May I ask why you would choose to have Mexican food in Hawaii? 

Isn't it kind of like going to Texas and ordering Hawaiian food?


----------



## MommaBear (Dec 16, 2011)

I think you actually have to work hard to screw up tacos! Third worst restaurant in Poipu Beach (and I know others will vehemently disagree) Brenecke's Beach Broiler- blah food, every condiment is an upcharge. (I am also not a fan of Bubba's Burgers). Also, avoid the restaurants at the Sheraton. They were great 5 years ago but had gone way down hill when I ate there two years ago.

Recommendations: for breakfast we like Joe's on the Green or Kalaheo Cafe and Coffee Company. For fast cheap lunches: Puka Dogs, shrimp truck by the roundabout, Shrimp Station (pretty far away from Koloa). For sit down dinner-mod price and Hawaiian Kitsch- Keoki's Paradise, wonderful italian: Casablanca at the Kiahuna Swim and Tennis Club. For upscale I can recommend Roy's Poipu Bar and Grill, but they have no water views.
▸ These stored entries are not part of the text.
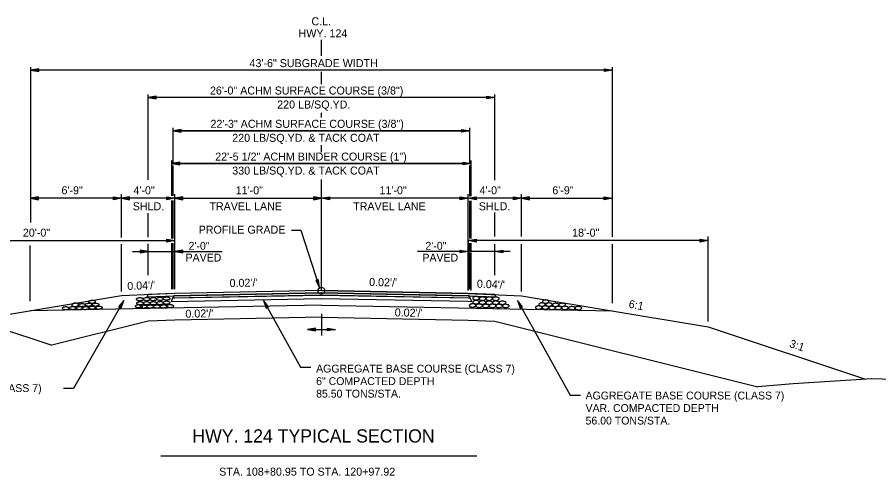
# Model space of a CAD drawing. Extents: x 1824008 to 1828864, y 689441 to 689870.
# Drawn here: x 1828762.4 to 1828827, y 689778.1 to 689812.5 of the extents above; entities that cross this region are included whole.
import ezdxf

# ---------------------------------------------------------------- set-up
doc = ezdxf.new("R2010")
doc.units = 0
for name, color, linetype in [('1', 7, 'Continuous'), ('19', 7, 'Continuous'), ('42', 7, 'Continuous'), ('Level 1', 7, 'Continuous'), ('R_Draft', 7, 'Continuous'), ('R_Horz Alg', 7, 'Continuous')]:
    doc.layers.add(name, color=color, linetype=linetype)

# ---------------------------------------------------------------- blocks, each defined once
blk = doc.blocks.new('ROCKS')
at = {"layer": '1'}
blk.add_spline([(0.013, 0.06), (0.053, 0.053), (0.107, 0.033), (0.133, 0.013), (0.133, -0.007), (0.12, -0.033), (0.107, -0.04), (0.073, -0.053), (0.033, -0.067), (0.013, -0.067), (-0.02, -0.06), (-0.06, -0.053), (-0.087, -0.047), (-0.113, -0.02), (-0.113, -0.007), (-0.107, 0.02), (-0.087, 0.033), (-0.067, 0.047), (-0.033, 0.053), (-0.02, 0.06), (0.013, 0.06)], degree=3, dxfattribs=at)
blk = doc.blocks.new('4TO1 ABC')
at = {"layer": '1', "xscale": 0.1312491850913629, "yscale": 0.1312491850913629, "rotation": 180}
for p in [(0.00175, -0.00875), (-0.03325, -0.0385), (-0.016625, -0.023625), (0, -0.0385), (0.018375, -0.023625), (0.034125, -0.04025), (0.051625, -0.025375), (0.06475, -0.04025), (0.098, -0.04025), (0.133, -0.041125)]:
    blk.add_blockref('ROCKS', p, dxfattribs=at)

msp = doc.modelspace()

# ---------------------------------------------------------------- linework, layer by layer
at = {"layer": '1'}
for p, q in [((1828764.015, 689808.62), (1828763.415, 689808.515)), ((1828763.415, 689808.515), (1828764.015, 689808.41)), ((1828764.015, 689808.565), (1828763.575, 689808.53)), ((1828763.575, 689808.5), (1828764.015, 689808.46)), ((1828764.015, 689808.41), (1828764.015, 689808.62)), ((1828806.455, 689808.41), (1828806.455, 689808.62)), ((1828806.455, 689808.62), (1828807.055, 689808.515)), ((1828806.455, 689808.565), (1828806.895, 689808.53)), ((1828807.055, 689808.515), (1828806.455, 689808.41)), ((1828806.895, 689808.5), (1828806.455, 689808.46)), ((1828772.815, 689806.564), (1828772.215, 689806.459)), ((1828772.215, 689806.459), (1828772.815, 689806.354)), ((1828772.815, 689806.509), (1828772.375, 689806.474)), ((1828772.375, 689806.444), (1828772.815, 689806.404)), ((1828772.815, 689806.354), (1828772.815, 689806.564)), ((1828797.624, 689806.354), (1828797.624, 689806.564)), ((1828797.624, 689806.564), (1828798.224, 689806.459)), ((1828797.624, 689806.509), (1828798.064, 689806.474)), ((1828798.224, 689806.459), (1828797.624, 689806.354)), ((1828798.064, 689806.444), (1828797.624, 689806.404)), ((1828774.695, 689804.064), (1828774.095, 689803.959)), ((1828774.095, 689803.959), (1828796.345, 689803.959)), ((1828774.095, 689803.959), (1828774.695, 689803.854)), ((1828774.695, 689804.009), (1828774.255, 689803.974)), ((1828774.255, 689803.944), (1828774.695, 689803.904)), ((1828774.695, 689803.854), (1828774.695, 689804.064)), ((1828795.745, 689803.854), (1828795.745, 689804.064)), ((1828795.745, 689804.064), (1828796.345, 689803.959)), ((1828795.745, 689804.009), (1828796.185, 689803.974)), ((1828796.345, 689803.959), (1828795.745, 689803.854)), ((1828796.185, 689803.944), (1828795.745, 689803.904)), ((1828774.59, 689801.606), (1828773.99, 689801.501)), ((1828773.99, 689801.501), (1828796.449, 689801.501)), ((1828773.99, 689801.501), (1828774.59, 689801.396)), ((1828774.095, 689799.073), (1828774.095, 689801.361)), ((1828774.59, 689801.551), (1828774.15, 689801.516)), ((1828774.15, 689801.486), (1828774.59, 689801.446)), ((1828774.59, 689801.396), (1828774.59, 689801.606)), ((1828795.849, 689801.396), (1828795.849, 689801.606)), ((1828795.849, 689801.606), (1828796.449, 689801.501)), ((1828795.849, 689801.551), (1828796.289, 689801.516)), ((1828796.449, 689801.501), (1828795.849, 689801.396)), ((1828796.289, 689801.486), (1828795.849, 689801.446)), ((1828796.345, 689799.064), (1828796.345, 689801.361)), ((1828770.22, 689795.96), (1828770.22, 689799.196)), ((1828770.22, 689795.96), (1828770.22, 689799.196)), ((1828774.22, 689792.066), (1828774.22, 689799.196)), ((1828796.22, 689792.066), (1828796.22, 689799.196)), ((1828764.008, 689799.001), (1828763.408, 689798.896)), ((1828763.408, 689798.896), (1828764.008, 689798.791)), ((1828764.008, 689798.946), (1828763.568, 689798.911)), ((1828763.568, 689798.881), (1828764.008, 689798.841)), ((1828764.008, 689798.791), (1828764.008, 689799.001)), ((1828769.62, 689798.791), (1828769.62, 689799.001)), ((1828769.62, 689799.001), (1828770.22, 689798.896)), ((1828769.62, 689798.946), (1828770.06, 689798.911)), ((1828770.22, 689798.896), (1828769.62, 689798.791)), ((1828770.06, 689798.881), (1828769.62, 689798.841)), ((1828770.82, 689799.001), (1828770.22, 689798.896)), ((1828770.22, 689798.896), (1828770.82, 689798.791)), ((1828770.82, 689798.946), (1828770.38, 689798.911)), ((1828770.38, 689798.881), (1828770.82, 689798.841)), ((1828770.82, 689798.791), (1828770.82, 689799.001)), ((1828773.62, 689798.791), (1828773.62, 689799.001)), ((1828773.62, 689799.001), (1828774.22, 689798.896)), ((1828773.62, 689798.946), (1828774.06, 689798.911)), ((1828774.22, 689798.896), (1828773.62, 689798.791)), ((1828774.06, 689798.881), (1828773.62, 689798.841)), ((1828773.99, 689795.89), (1828773.99, 689798.729)), ((1828774.095, 689795.89), (1828774.095, 689798.729)), ((1828774.82, 689799.001), (1828774.22, 689798.896)), ((1828774.22, 689798.896), (1828785.22, 689798.896)), ((1828774.22, 689798.896), (1828774.82, 689798.791)), ((1828774.82, 689798.946), (1828774.38, 689798.911)), ((1828774.38, 689798.881), (1828774.82, 689798.841)), ((1828774.82, 689798.791), (1828774.82, 689799.001)), ((1828775.22, 689798.896), (1828785.22, 689798.896)), ((1828775.22, 689798.896), (1828785.22, 689798.896)), ((1828784.62, 689799.001), (1828784.62, 689798.791)), ((1828785.22, 689798.896), (1828784.62, 689799.001)), ((1828784.62, 689799.001), (1828784.62, 689798.791)), ((1828785.22, 689798.896), (1828784.62, 689799.001)), ((1828785.06, 689798.911), (1828784.62, 689798.946)), ((1828785.06, 689798.911), (1828784.62, 689798.946)), ((1828784.62, 689798.791), (1828785.22, 689798.896)), ((1828784.62, 689798.791), (1828785.22, 689798.896)), ((1828784.62, 689798.841), (1828785.06, 689798.881)), ((1828784.62, 689798.841), (1828785.06, 689798.881)), ((1828785.22, 689798.896), (1828785.82, 689799.001)), ((1828785.22, 689798.896), (1828785.82, 689799.001)), ((1828795.22, 689798.896), (1828785.22, 689798.896)), ((1828785.82, 689798.791), (1828785.22, 689798.896)), ((1828796.22, 689798.896), (1828785.22, 689798.896)), ((1828785.82, 689798.791), (1828785.22, 689798.896)), ((1828785.38, 689798.911), (1828785.82, 689798.946)), ((1828785.38, 689798.911), (1828785.82, 689798.946)), ((1828785.82, 689798.841), (1828785.38, 689798.881)), ((1828785.82, 689798.841), (1828785.38, 689798.881)), ((1828785.82, 689799.001), (1828785.82, 689798.791)), ((1828785.82, 689799.001), (1828785.82, 689798.791)), ((1828795.62, 689798.791), (1828795.62, 689799.001)), ((1828795.62, 689799.001), (1828796.22, 689798.896)), ((1828795.62, 689798.946), (1828796.06, 689798.911)), ((1828796.22, 689798.896), (1828795.62, 689798.791)), ((1828796.06, 689798.881), (1828795.62, 689798.841)), ((1828796.22, 689798.896), (1828796.82, 689799.001)), ((1828796.82, 689798.791), (1828796.22, 689798.896)), ((1828796.345, 689795.89), (1828796.345, 689798.702)), ((1828796.38, 689798.911), (1828796.82, 689798.946)), ((1828796.82, 689798.841), (1828796.38, 689798.881)), ((1828796.82, 689799.001), (1828796.82, 689798.791)), ((1828799.62, 689798.791), (1828799.62, 689799.001)), ((1828799.62, 689799.001), (1828800.22, 689798.896)), ((1828799.62, 689798.946), (1828800.06, 689798.911)), ((1828800.22, 689798.896), (1828799.62, 689798.791)), ((1828800.06, 689798.881), (1828799.62, 689798.841)), ((1828800.82, 689799.001), (1828800.22, 689798.896)), ((1828800.22, 689798.896), (1828800.82, 689798.791)), ((1828800.82, 689798.946), (1828800.38, 689798.911)), ((1828800.38, 689798.881), (1828800.82, 689798.841)), ((1828800.82, 689798.791), (1828800.82, 689799.001)), ((1828806.431, 689798.791), (1828806.431, 689799.001)), ((1828806.431, 689799.001), (1828807.031, 689798.896)), ((1828806.431, 689798.946), (1828806.871, 689798.911)), ((1828807.031, 689798.896), (1828806.431, 689798.791)), ((1828806.871, 689798.881), (1828806.431, 689798.841)), ((1828772.22, 689795.984), (1828772.22, 689797.789)), ((1828798.22, 689796.017), (1828798.22, 689797.821)), ((1828754.22, 689795.717), (1828774.22, 689795.717)), ((1828770.22, 689791.906), (1828770.22, 689795.442)), ((1828772.22, 689793.137), (1828772.22, 689795.482)), ((1828773.62, 689795.612), (1828773.62, 689795.822)), ((1828773.62, 689795.822), (1828774.22, 689795.717)), ((1828773.62, 689795.767), (1828774.06, 689795.732)), ((1828774.22, 689795.717), (1828773.62, 689795.612)), ((1828774.06, 689795.702), (1828773.62, 689795.662)), ((1828796.22, 689795.717), (1828796.82, 689795.822)), ((1828814.22, 689795.717), (1828796.22, 689795.717)), ((1828796.82, 689795.612), (1828796.22, 689795.717)), ((1828796.38, 689795.732), (1828796.82, 689795.767)), ((1828796.82, 689795.662), (1828796.38, 689795.702)), ((1828796.82, 689795.822), (1828796.82, 689795.612)), ((1828798.22, 689793.137), (1828798.22, 689795.442)), ((1828813.62, 689795.612), (1828813.62, 689795.822)), ((1828813.62, 689795.822), (1828814.22, 689795.717)), ((1828813.62, 689795.767), (1828814.06, 689795.732)), ((1828814.22, 689795.717), (1828813.62, 689795.612)), ((1828814.06, 689795.702), (1828813.62, 689795.662)), ((1828773.99, 689792.066), (1828773.99, 689794.831)), ((1828774.095, 689792.555), (1828774.095, 689794.831)), ((1828774.095, 689792.066), (1828774.095, 689794.831)), ((1828796.345, 689792.066), (1828796.345, 689794.831)), ((1828748.155, 689793.481), (1828765.008, 689787.863)), ((1828774.22, 689791.746), (1828770.22, 689791.586)), ((1828785.22, 689791.966), (1828774.22, 689791.746)), ((1828785.22, 689791.966), (1828796.22, 689791.746)), ((1828796.22, 689791.746), (1828800.22, 689791.586)), ((1828785.22, 689790.883), (1828763.379, 689790.446)), ((1828785.22, 689790.883), (1828807.061, 689790.446)), ((1828772.22, 689789.666), (1828765.008, 689787.863)), ((1828774.22, 689789.746), (1828772.22, 689789.666)), ((1828785.22, 689789.966), (1828774.22, 689789.746)), ((1828785.22, 689789.966), (1828796.22, 689789.746)), ((1828796.22, 689789.746), (1828798.22, 689789.666)), ((1828798.22, 689789.666), (1828817.941, 689784.736)), ((1828814.22, 689789.253), (1828826.024, 689785.318)), ((1828773.166, 689779.578), (1828796.878, 689779.578))]:
    msp.add_line(p, q, dxfattribs=at)
msp.add_lwpolyline([(1828852.627, 689785.831), (1828844.044, 689785.542), (1828832.759, 689785.156), (1828826.49, 689785.349), (1828820.607, 689784.963), (1828817.941, 689784.736)], dxfattribs=at)
msp.add_circle((1828785.215, 689791.964), 0.25, dxfattribs=at)
at = {"layer": '19'}
for p, q in [((1828763.415, 689797.072), (1828763.415, 689808.74)), ((1828807.055, 689808.515), (1828763.415, 689808.515)), ((1828807.055, 689795.996), (1828807.055, 689808.74)), ((1828772.215, 689800.278), (1828772.215, 689806.684)), ((1828798.224, 689806.459), (1828772.215, 689806.459)), ((1828798.224, 689800.25), (1828798.224, 689806.684)), ((1828774.095, 689801.586), (1828774.095, 689804.184)), ((1828796.345, 689803.959), (1828774.095, 689803.959)), ((1828796.345, 689801.586), (1828796.345, 689804.184)), ((1828773.991, 689799.081), (1828773.991, 689801.726)), ((1828796.448, 689799.063), (1828796.448, 689801.726)), ((1828796.448, 689801.501), (1828773.991, 689801.501)), ((1828796.449, 689795.89), (1828796.449, 689798.702)), ((1828773.99, 689794.96), (1828773.99, 689795.523)), ((1828774.095, 689794.96), (1828774.095, 689795.523)), ((1828796.345, 689794.96), (1828796.345, 689795.523)), ((1828796.449, 689794.96), (1828796.449, 689795.523)), ((1828771.06, 689794.898), (1828777.786, 689794.898)), ((1828771.615, 689795.003), (1828771.615, 689794.793)), ((1828772.215, 689794.898), (1828771.615, 689795.003)), ((1828772.055, 689794.913), (1828771.615, 689794.948)), ((1828771.615, 689794.793), (1828772.215, 689794.898)), ((1828771.615, 689794.843), (1828772.055, 689794.883)), ((1828774.815, 689795.003), (1828774.215, 689794.898)), ((1828774.215, 689794.898), (1828774.815, 689794.793)), ((1828774.815, 689794.948), (1828774.375, 689794.913)), ((1828774.375, 689794.883), (1828774.815, 689794.843)), ((1828774.815, 689794.793), (1828774.815, 689795.003)), ((1828799.38, 689794.898), (1828792.437, 689794.898)), ((1828795.624, 689794.793), (1828795.624, 689795.003)), ((1828795.624, 689795.003), (1828796.224, 689794.898)), ((1828795.624, 689794.948), (1828796.064, 689794.913)), ((1828796.224, 689794.898), (1828795.624, 689794.793)), ((1828796.064, 689794.883), (1828795.624, 689794.843)), ((1828796.449, 689791.963), (1828796.449, 689794.831)), ((1828798.224, 689794.898), (1828798.824, 689795.003)), ((1828798.824, 689794.793), (1828798.224, 689794.898)), ((1828798.384, 689794.913), (1828798.824, 689794.948)), ((1828798.824, 689794.843), (1828798.384, 689794.883)), ((1828798.824, 689795.003), (1828798.824, 689794.793)), ((1828770.22, 689791.586), (1828754.22, 689788.919)), ((1828772.22, 689791.666), (1828772.135, 689791.496)), ((1828772.135, 689791.496), (1828774.223, 689791.579)), ((1828774.22, 689791.746), (1828772.22, 689791.666)), ((1828774.063, 689791.409), (1828773.941, 689791.158)), ((1828773.941, 689791.158), (1828785.208, 689791.382)), ((1828785.213, 689791.633), (1828774.063, 689791.409)), ((1828785.223, 689791.799), (1828774.147, 689791.577)), ((1828785.22, 689791.966), (1828774.22, 689791.746)), ((1828774.223, 689791.579), (1828785.223, 689791.799)), ((1828774.226, 689791.413), (1828785.213, 689791.633)), ((1828785.208, 689791.382), (1828785.208, 689791.383)), ((1828785.208, 689791.383), (1828785.22, 689791.383)), ((1828785.226, 689791.633), (1828785.213, 689791.633)), ((1828785.213, 689791.633), (1828785.213, 689791.633)), ((1828785.213, 689791.633), (1828785.22, 689791.633)), ((1828796.22, 689791.746), (1828785.22, 689791.966)), ((1828785.22, 689791.633), (1828785.226, 689791.633)), ((1828785.22, 689791.383), (1828785.231, 689791.383)), ((1828785.223, 689791.799), (1828796.22, 689791.579)), ((1828796.305, 689791.576), (1828785.223, 689791.799)), ((1828796.386, 689791.41), (1828785.226, 689791.633)), ((1828785.226, 689791.633), (1828785.226, 689791.633)), ((1828785.226, 689791.633), (1828796.213, 689791.413)), ((1828785.231, 689791.383), (1828785.231, 689791.382)), ((1828785.231, 689791.382), (1828796.208, 689791.163)), ((1828798.22, 689791.666), (1828796.22, 689791.746)), ((1828796.22, 689791.579), (1828798.305, 689791.496)), ((1828798.305, 689791.496), (1828798.22, 689791.666)), ((1828800.22, 689791.586), (1828814.22, 689789.253)), ((1828770.394, 689791.213), (1828766.631, 689784.612)), ((1828770.394, 689791.213), (1828770.006, 689790.743)), ((1828770.006, 689790.743), (1828770.189, 689790.64)), ((1828770.302, 689791.081), (1828770.049, 689790.719)), ((1828770.141, 689790.667), (1828770.328, 689791.067)), ((1828770.189, 689790.64), (1828770.394, 689791.213)), ((1828780.866, 689791.213), (1828783.65, 689786.221)), ((1828781.255, 689790.744), (1828780.866, 689791.213)), ((1828780.866, 689791.213), (1828781.072, 689790.64)), ((1828780.933, 689791.067), (1828781.116, 689790.665)), ((1828781.207, 689790.717), (1828780.959, 689791.081)), ((1828781.072, 689790.64), (1828781.255, 689790.744)), ((1828799.917, 689791.213), (1828803.879, 689784.109)), ((1828800.306, 689790.744), (1828799.917, 689791.213)), ((1828799.917, 689791.213), (1828800.123, 689790.64)), ((1828799.984, 689791.067), (1828800.167, 689790.665)), ((1828800.258, 689790.717), (1828800.01, 689791.081)), ((1828800.123, 689790.64), (1828800.306, 689790.744)), ((1828783.65, 689786.221), (1828784.416, 689786.221)), ((1828766.631, 689784.612), (1828765.865, 689784.612)), ((1828803.879, 689784.109), (1828804.645, 689784.109))]:
    msp.add_line(p, q, dxfattribs=at)
for points in [[(1828774.147, 689791.577), (1828774.063, 689791.409), (1828774.226, 689791.413)], [(1828796.208, 689791.163), (1828796.512, 689791.151), (1828796.386, 689791.41)], [(1828796.213, 689791.413), (1828796.386, 689791.41), (1828796.305, 689791.576)]]:
    msp.add_lwpolyline(points, dxfattribs=at)
at = {"layer": '42'}
for p, q in [((1828785.22, 689790.223), (1828785.22, 689788.59)), ((1828784.772, 689789.147), (1828784.172, 689789.042)), ((1828784.172, 689789.042), (1828784.772, 689788.937)), ((1828784.172, 689789.042), (1828786.267, 689789.042)), ((1828784.772, 689789.092), (1828784.332, 689789.057)), ((1828784.332, 689789.027), (1828784.772, 689788.987)), ((1828784.772, 689788.937), (1828784.772, 689789.147)), ((1828785.667, 689788.937), (1828785.667, 689789.147)), ((1828785.667, 689789.147), (1828786.267, 689789.042)), ((1828785.667, 689789.092), (1828786.107, 689789.057)), ((1828786.267, 689789.042), (1828785.667, 689788.937)), ((1828786.107, 689789.027), (1828785.667, 689788.987))]:
    msp.add_line(p, q, dxfattribs=at)
at = {"layer": 'R_Draft'}
for p, q in [((1828785.22, 689809.588), (1828785.22, 689810.784)), ((1828785.22, 689807.47), (1828785.22, 689808.376)), ((1828785.22, 689804.961), (1828785.22, 689805.299)), ((1828785.22, 689802.35), (1828785.22, 689802.883)), ((1828785.22, 689791.966), (1828785.22, 689800.298)), ((1828800.22, 689796.017), (1828800.22, 689799.196)), ((1828800.22, 689796.017), (1828800.22, 689799.196)), ((1828770.22, 689798.896), (1828763.408, 689798.896)), ((1828774.22, 689798.896), (1828770.22, 689798.896)), ((1828775.22, 689798.896), (1828785.22, 689798.896)), ((1828784.62, 689799.001), (1828784.62, 689798.791)), ((1828785.22, 689798.896), (1828784.62, 689799.001)), ((1828785.06, 689798.911), (1828784.62, 689798.946)), ((1828784.62, 689798.791), (1828785.22, 689798.896)), ((1828784.62, 689798.841), (1828785.06, 689798.881)), ((1828785.22, 689798.896), (1828785.82, 689799.001)), ((1828795.22, 689798.896), (1828785.22, 689798.896)), ((1828785.82, 689798.791), (1828785.22, 689798.896)), ((1828785.38, 689798.911), (1828785.82, 689798.946)), ((1828785.82, 689798.841), (1828785.38, 689798.881)), ((1828785.82, 689799.001), (1828785.82, 689798.791)), ((1828800.22, 689798.896), (1828796.22, 689798.896)), ((1828800.22, 689798.896), (1828807.031, 689798.896)), ((1828800.22, 689791.906), (1828800.22, 689795.442)), ((1828785.002, 689792.782), (1828784.803, 689792.717)), ((1828784.803, 689792.717), (1828785.088, 689792.179)), ((1828784.848, 689792.728), (1828785.024, 689792.328)), ((1828785.049, 689792.333), (1828784.952, 689792.761)), ((1828785.088, 689792.179), (1828785.002, 689792.782))]:
    msp.add_line(p, q, dxfattribs=at)
msp.add_lwpolyline([(1828782.988, 689796.505), (1828783.677, 689796.507), (1828785.088, 689792.179)], dxfattribs=at)
at = {"layer": 'R_Horz Alg'}
for p, q in [((1828796.22, 689791.966), (1828796.22, 689796.322)), ((1828814.22, 689789.64), (1828814.22, 689796.017)), ((1828763.379, 689791.166), (1828763.379, 689795.348)), ((1828796.22, 689795.717), (1828796.22, 689792.029)), ((1828807.055, 689791.023), (1828807.055, 689795.442))]:
    msp.add_line(p, q, dxfattribs=at)

# ---------------------------------------------------------------- block references
at = {"layer": '19', "xscale": 14.999970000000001, "yscale": -14.999970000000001, "rotation": 180}
msp.add_blockref('4TO1 ABC', (1828768.022, 689791.255), dxfattribs=at)
at = {"layer": '19', "xscale": 14.999970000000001, "yscale": 14.999970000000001}
msp.add_blockref('4TO1 ABC', (1828802.027, 689791.268), dxfattribs=at)
at = {"layer": 'Level 1', "xscale": 2.0116542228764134}
for p, yscale, rotation in [((1828771.617, 689791.328), -2.0116542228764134, 179.66979900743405), ((1828772.126, 689791.339), -2.0116542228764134, 179.66979900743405), ((1828772.629, 689791.334), -2.0116542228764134, 179.66979900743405), ((1828773.126, 689791.35), -2.0116542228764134, 179.66979900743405), ((1828773.626, 689791.378), -2.0116542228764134, 179.66979900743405), ((1828796.797, 689791.399), 2.0116542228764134, 0.3302009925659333), ((1828797.283, 689791.367), 2.0116542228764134, 0.3302009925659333), ((1828797.784, 689791.367), 2.0116542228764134, 0.3302009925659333), ((1828798.286, 689791.363), 2.0116542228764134, 0.3302009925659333), ((1828766.736, 689790.902), 2.011654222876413, 1.8621306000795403), ((1828771.546, 689790.8), -2.0116542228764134, 179.66979900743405), ((1828771.641, 689791.021), -2.0116542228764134, 179.66979900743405), ((1828771.909, 689790.771), -2.0116542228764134, 179.66979900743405), ((1828772.132, 689791.029), -2.0116542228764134, 179.66979900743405), ((1828772.399, 689790.779), -2.0116542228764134, 179.66979900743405), ((1828772.635, 689791.024), -2.0116542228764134, 179.66979900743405), ((1828772.903, 689790.774), -2.0116542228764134, 179.66979900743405), ((1828773.131, 689791.04), -2.0116542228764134, 179.66979900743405), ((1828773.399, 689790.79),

For water views and okay food- Beach House.


----------



## Kauai Kid (Dec 16, 2011)

ricoba said:


> May I ask why you would choose to have Mexican food in Hawaii?
> 
> Isn't it kind of like going to Texas and ordering Hawaiian food?



Highly recommended by a local.  Who apparently doesn't have our taste buds.  

Sterling


----------



## shellboy (Dec 16, 2011)

Can't remember the name, but the best Mexican restaurant on Kauai is located in Wailua between the Wailua river and the Coconut Marketplace, in the Kinipopo Shopping Center.


----------



## Kel (Dec 17, 2011)

Monaco's Taqueria in Kinipopo Shopping Center is our favorite and Mariachi’s Mexican Restaurant in Nawiliwili Harbor is a close second.


----------



## Kauai Kid (Dec 18, 2011)

There is a take away only Mexican Restaurant literally a hole in the wall where you order and pick up your food in Koloa.  Been sometime since we ate their food but it must have been reasonable, as I don't have any bad memories, or indigestion thinking of it.

Sterling


----------



## slip (Dec 18, 2011)

If I come across that hole in the wall, it won't scare me away now.


----------



## Kauaigrl00 (Dec 19, 2011)

The hole in the wall is called Da Crack 

http://web.me.com/lucaselliot/Da_Crack/Welcome.html

I have  heard good things about it - we will see soon!


----------



## cambria (Dec 19, 2011)

A taco truck, Chalupa's, is parked behind the Koloa shopping center.  The fish tacos are excellent.  Prices are reasonable for Hawaii.  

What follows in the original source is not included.